Samstag, 11. Oktober 2008

George W. Bush - The Dark Knight

Seit der neueste Batman-Film "The Dark Knight" in den Kinos ist, fragen sich US-Konservative, ob Hollywood zum ersten Mal einen Film gedreht hat, der eine Hommage an George W. Bush ist. Eine versteckte zwar, denn schließlich sprechen wir über Hollywood, aber immerhin.

Die Interpretations-Diskussion angestoßen hat Andrew Klavan im Wall Street Journal. Dort schrieb er: "A cry for help goes out from a city beleaguered by violence and fear: A beam of light flashed into the night sky, the dark symbol of a bat projected onto the surface of the racing clouds . . . Oh, wait a minute. That's not a bat, actually. In fact, when you trace the outline with your finger, it looks kind of like . . . a "W." There seems to me no question that the Batman film "The Dark Knight," currently breaking every box office record in history, is at some level a paean of praise to the fortitude and moral courage that has been shown by George W. Bush in this time of terror and war. Like W, Batman is vilified and despised for confronting terrorists in the only terms they understand. Like W, Batman sometimes has to push the boundaries of civil rights to deal with an emergency, certain that he will re-establish those boundaries when the emergency is past."

Glenn Beck von CNN sieht ebenfalls Parallelen zwischen "The Dark Knight" und dem Krieg gegen den Terror und dessen Maßnahmen wie Abhören. Diese würden in dem Film verteidigt werden, so Beck: "At one point the Morgan Freeman character says to Batman, wait a minute, hang on, you’re eavesdropping on everyone in Gotham? And Batman says, yes, to stop this terrorist. Morgan Freeman says, I can’t be a part of it. And yet Morgan Freeman does become a part of it, and they find the Joker. One of the ways they find the Joker is through eavesdropping. I mean the parallels here of what’s going on is to me stunning."

Andrew Bolt bläst in der Herald Sun ins gleiche Horn: "As this superb Batman retelling, The Dark Knight, makes clear, its subject is a weakness that runs instinctively through us - to hate a hero who, in saving us, exposes our fears, prods our weaknesses, calls from us more than we want to give, or can. And how we resent a hero who must shake our world in order to save it, or brings alive that maxim of George Orwell that so implicates us in our preening piety: 'Good people sleep peaceably in their beds at night only because rough men stand ready to do violence on their behalf'. [...] So why don't Americans in particular leave the movie cheering Bush as they cheered Batman? Because in leaving the cinema they stopped being that audience and re-entered their own real Gotham City - with a real Batman they once more feel driven to hate for all the hard things he's had to do to protect them.
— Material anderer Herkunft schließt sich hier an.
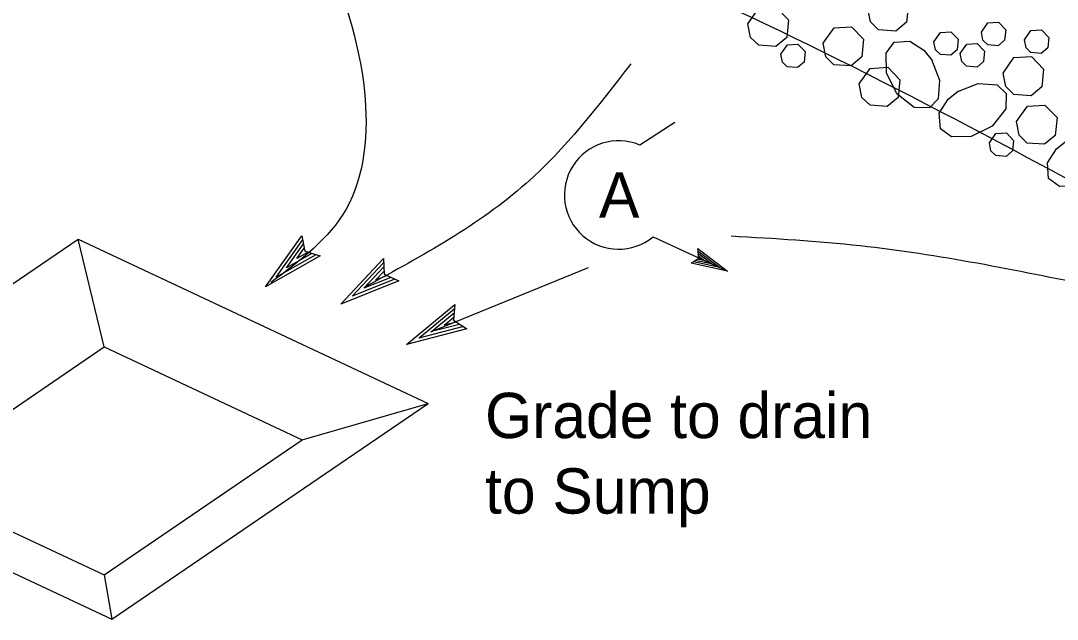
# Model space of a CAD drawing. Extents: x 6707406 to 6714471, y 1868570 to 1872341.
# Drawn here: x 6710587.1 to 6710751.9, y 1870221.6 to 1870316.7 of the extents above; entities that cross this region are included whole.
import ezdxf

# ---------------------------------------------------------------- set-up
doc = ezdxf.new("R2010")
doc.units = 0
for name, color, linetype in [('56 Stg 3 Anno', 7, 'Continuous'), ('57 Undefined', 7, 'Continuous'), ('60 Nongeo Data', 7, 'Continuous')]:
    doc.layers.add(name, color=color, linetype=linetype)

msp = doc.modelspace()

# ---------------------------------------------------------------- linework, layer by layer
at = {"layer": '56 Stg 3 Anno'}
for p, q in [((6710691.06, 1870300.55), (6710685.5, 1870296.97)), ((6710687.63, 1870282.38), (6710699.46, 1870276.93)), ((6710694.92, 1870279.02), (6710694.76, 1870280.51)), ((6710694.76, 1870280.51), (6710694.76, 1870280.51)), ((6710694.76, 1870280.51), (6710699.46, 1870276.93)), ((6710693.69, 1870278.18), (6710694.92, 1870279.02)), ((6710695.84, 1870278.6), (6710694.68, 1870278.85)), ((6710694.81, 1870280.11), (6710698.26, 1870277.49)), ((6710694.87, 1870279.71), (6710697.05, 1870278.04)), ((6710694.88, 1870279.33), (6710695.84, 1870278.6)), ((6710699.46, 1870276.93), (6710693.69, 1870278.18)), ((6710693.69, 1870278.18), (6710693.69, 1870278.18)), ((6710698.24, 1870277.49), (6710694.04, 1870278.4)), ((6710697.05, 1870278.04), (6710694.33, 1870278.63)), ((6710699.46, 1870276.93), (6710699.46, 1870276.93))]:
    msp.add_line(p, q, dxfattribs=at)
msp.add_arc((6710682.15, 1870289.04), 8.62, 67.1261, 309.4327, dxfattribs=at)
at = {"layer": '60 Nongeo Data'}
for p, q in [((6710545.91, 1870247.74), (6710596.21, 1870282.03)), ((6710596.21, 1870282.03), (6710651.87, 1870255.89)), ((6710600.37, 1870264.89), (6710596.21, 1870282.03)), ((6710626.02, 1870274.46), (6710631.78, 1870282.56)), ((6710631.78, 1870282.56), (6710631.78, 1870282.56)), ((6710631.78, 1870282.56), (6710632.26, 1870280.1)), ((6710627.69, 1870275.98), (6710631.89, 1870281.88)), ((6710629.34, 1870277.46), (6710632.05, 1870281.27)), ((6710631, 1870278.95), (6710632.16, 1870280.58)), ((6710634.68, 1870279.36), (6710626.02, 1870274.46)), ((6710634.03, 1870279.55), (6710627.68, 1870275.96)), ((6710633.36, 1870279.73), (6710629.34, 1870277.46)), ((6710632.77, 1870279.95), (6710631, 1870278.95)), ((6710632.26, 1870280.1), (6710634.68, 1870279.36)), ((6710634.68, 1870279.36), (6710634.68, 1870279.36)), ((6710637.96, 1870271.69), (6710644.74, 1870278.96)), ((6710644.74, 1870278.96), (6710644.74, 1870278.96)), ((6710644.74, 1870278.96), (6710644.89, 1870276.45)), ((6710639.81, 1870272.97), (6710644.76, 1870278.26)), ((6710641.64, 1870274.22), (6710644.84, 1870277.64)), ((6710677.28, 1870277.46), (6710652.25, 1870267.22)), ((6710647.18, 1870275.4), (6710637.96, 1870271.69)), ((6710646.57, 1870275.67), (6710639.8, 1870272.96)), ((6710645.93, 1870275.94), (6710641.64, 1870274.22)), ((6710643.49, 1870275.48), (6710644.85, 1870276.95)), ((6710645.38, 1870276.24), (6710643.49, 1870275.48)), ((6710644.89, 1870276.45), (6710647.18, 1870275.4)), ((6710647.18, 1870275.4), (6710647.18, 1870275.4)), ((6710626.02, 1870274.46), (6710626.02, 1870274.46)), ((6710637.96, 1870271.69), (6710637.96, 1870271.69)), ((6710648.41, 1870265.3), (6710656.08, 1870271.62)), ((6710650.42, 1870266.32), (6710656.01, 1870270.93)), ((6710656.08, 1870271.62), (6710655.91, 1870269.12)), ((6710656.08, 1870271.62), (6710656.08, 1870271.62)), ((6710652.4, 1870267.32), (6710656.01, 1870270.3)), ((6710654.39, 1870268.34), (6710655.93, 1870269.61)), ((6710656.36, 1870268.84), (6710654.39, 1870268.34)), ((6710655.91, 1870269.12), (6710658.04, 1870267.77)), ((6710658.04, 1870267.77), (6710648.41, 1870265.3)), ((6710657.47, 1870268.13), (6710650.4, 1870266.31)), ((6710656.87, 1870268.47), (6710652.4, 1870267.32)), ((6710658.04, 1870267.77), (6710658.04, 1870267.77)), ((6710568.89, 1870243.43), (6710600.37, 1870264.89)), ((6710600.37, 1870264.89), (6710631.82, 1870250.12)), ((6710648.41, 1870265.3), (6710648.41, 1870265.3)), ((6710601.56, 1870221.61), (6710651.87, 1870255.89)), ((6710631.82, 1870250.12), (6710651.87, 1870255.89)), ((6710600.34, 1870228.66), (6710631.82, 1870250.12)), ((6710545.91, 1870247.74), (6710601.56, 1870221.61)), ((6710568.89, 1870243.43), (6710600.34, 1870228.66)), ((6710600.34, 1870228.66), (6710601.56, 1870221.61))]:
    msp.add_line(p, q, dxfattribs=at)
for points in [[(6710721.77, 1870318.7), (6710723.51, 1870321.18), (6710726.28, 1870321.33), (6710728.21, 1870319.33), (6710727.93, 1870316.53), (6710726.22, 1870315.1), (6710723.48, 1870315.3), (6710722.19, 1870316.55), (6710721.77, 1870318.7)], [(6710702.69, 1870316.24), (6710704.43, 1870318.71), (6710707.21, 1870318.87), (6710709.14, 1870316.87), (6710708.86, 1870314.06), (6710707.15, 1870312.64), (6710704.41, 1870312.84), (6710703.11, 1870314.09), (6710702.7, 1870316.24)], [(6710714.65, 1870313.15), (6710716.39, 1870315.63), (6710719.16, 1870315.78), (6710721.09, 1870313.78), (6710720.82, 1870310.98), (6710719.1, 1870309.55), (6710716.36, 1870309.75), (6710715.07, 1870311), (6710714.65, 1870313.15)], [(6710732.27, 1870313.4), (6710733.31, 1870314.88), (6710734.98, 1870314.98), (6710736.14, 1870313.78), (6710735.97, 1870312.1), (6710734.94, 1870311.24), (6710733.3, 1870311.36), (6710732.52, 1870312.11), (6710732.27, 1870313.4)], [(6710739.81, 1870314.93), (6710740.85, 1870316.42), (6710742.52, 1870316.51), (6710743.68, 1870315.31), (6710743.51, 1870313.63), (6710742.48, 1870312.77), (6710740.83, 1870312.89), (6710740.06, 1870313.64), (6710739.81, 1870314.93)], [(6710746.66, 1870313.71), (6710747.7, 1870315.19), (6710749.37, 1870315.29), (6710750.53, 1870314.09), (6710750.36, 1870312.41), (6710749.33, 1870311.55), (6710747.69, 1870311.67), (6710746.91, 1870312.42), (6710746.66, 1870313.71)], [(6710731.89, 1870310.57), (6710733.18, 1870307.31), (6710732.92, 1870304.32), (6710731.57, 1870302.9), (6710729.15, 1870302.95), (6710726.39, 1870305.1), (6710724.73, 1870308.44), (6710724.67, 1870311.58), (6710725.93, 1870313.35), (6710728.43, 1870313.51), (6710730.66, 1870312.08), (6710731.98, 1870310.44)], [(6710707.92, 1870311.44), (6710708.97, 1870312.92), (6710710.63, 1870313.02), (6710711.79, 1870311.82), (6710711.63, 1870310.13), (6710710.6, 1870309.28), (6710708.95, 1870309.4), (6710708.18, 1870310.15), (6710707.93, 1870311.44)], [(6710736.45, 1870311.54), (6710737.49, 1870313.03), (6710739.16, 1870313.12), (6710740.32, 1870311.92), (6710740.15, 1870310.24), (6710739.12, 1870309.38), (6710737.47, 1870309.5), (6710736.7, 1870310.25), (6710736.45, 1870311.54)], [(6710743.26, 1870308.41), (6710745, 1870310.88), (6710747.78, 1870311.04), (6710749.71, 1870309.04), (6710749.43, 1870306.23), (6710747.71, 1870304.81), (6710744.97, 1870305.01), (6710743.68, 1870306.26), (6710743.26, 1870308.41)], [(6710720.4, 1870306.7), (6710722.14, 1870309.17), (6710724.92, 1870309.33), (6710726.85, 1870307.33), (6710726.57, 1870304.53), (6710724.85, 1870303.1), (6710722.11, 1870303.3), (6710720.82, 1870304.55), (6710720.4, 1870306.7)], [(6710736.07, 1870305.49), (6710739.32, 1870306.78), (6710742.31, 1870306.53), (6710743.73, 1870305.18), (6710743.69, 1870302.75), (6710741.53, 1870299.99), (6710738.2, 1870298.33), (6710735.06, 1870298.27), (6710733.29, 1870299.53), (6710733.13, 1870302.03), (6710734.56, 1870304.27), (6710736.2, 1870305.58)], [(6710745.4, 1870300.7), (6710747.14, 1870303.17), (6710749.92, 1870303.33), (6710751.85, 1870301.33), (6710751.57, 1870298.52), (6710749.85, 1870297.1), (6710747.11, 1870297.3), (6710745.82, 1870298.55), (6710745.4, 1870300.7)], [(6710741.08, 1870297.34), (6710742.12, 1870298.83), (6710743.79, 1870298.92), (6710744.94, 1870297.72), (6710744.78, 1870296.04), (6710743.75, 1870295.18), (6710742.1, 1870295.3), (6710741.33, 1870296.05), (6710741.08, 1870297.34)], [(6710753.27, 1870297.62), (6710756.53, 1870298.91), (6710759.51, 1870298.65), (6710760.94, 1870297.3), (6710760.89, 1870294.88), (6710758.73, 1870292.12), (6710755.4, 1870290.46), (6710752.26, 1870290.4), (6710750.49, 1870291.66), (6710750.33, 1870294.16), (6710751.76, 1870296.4), (6710753.4, 1870297.71)]]:
    msp.add_lwpolyline(points, dxfattribs=at)
for points in [[(6710505.99, 1870337.51), (6710532.99, 1870347.83), (6710590.83, 1870352.57), (6710625.79, 1870346.13), (6710776.97, 1870278.77)], [(6710635.61, 1870328.27), (6710641.74, 1870305.49), (6710638.82, 1870286.79), (6710626.85, 1870275.11)], [(6710684.07, 1870309.87), (6710667.43, 1870290.88), (6710642.03, 1870274.53)], [(6710757.64, 1870274.53), (6710720.56, 1870280.95), (6710700.05, 1870282.48)]]:
    msp.add_spline(points, degree=3, dxfattribs=at)

# ---------------------------------------------------------------- texts
at = {"layer": '57 Undefined'}
for s, height, p in [('A', 7.21, (6710679.02, 1870285.43)), ('Grade to drain', 7.2002, (6710660.91, 1870250.4)), ('to Sump', 7.2, (6710660.91, 1870238.4))]:
    msp.add_text(s, height=height, dxfattribs=at).set_placement(p)

doc.saveas('drawing.dxf')

They have become the citizens of Gotham they were watching just minutes before with contempt.
But Bush would understand. As Alfred [Batman's butler] says: 'He's not being a hero. He's being something more.'"

Der Journalist Jeffrey Lord sieht den Erfolg von "The Dark Knight" gar als Voraussage zum Ausgang der Präsidentschaftswahl: "They want Batman," schrieb er. "So they will elect McCain."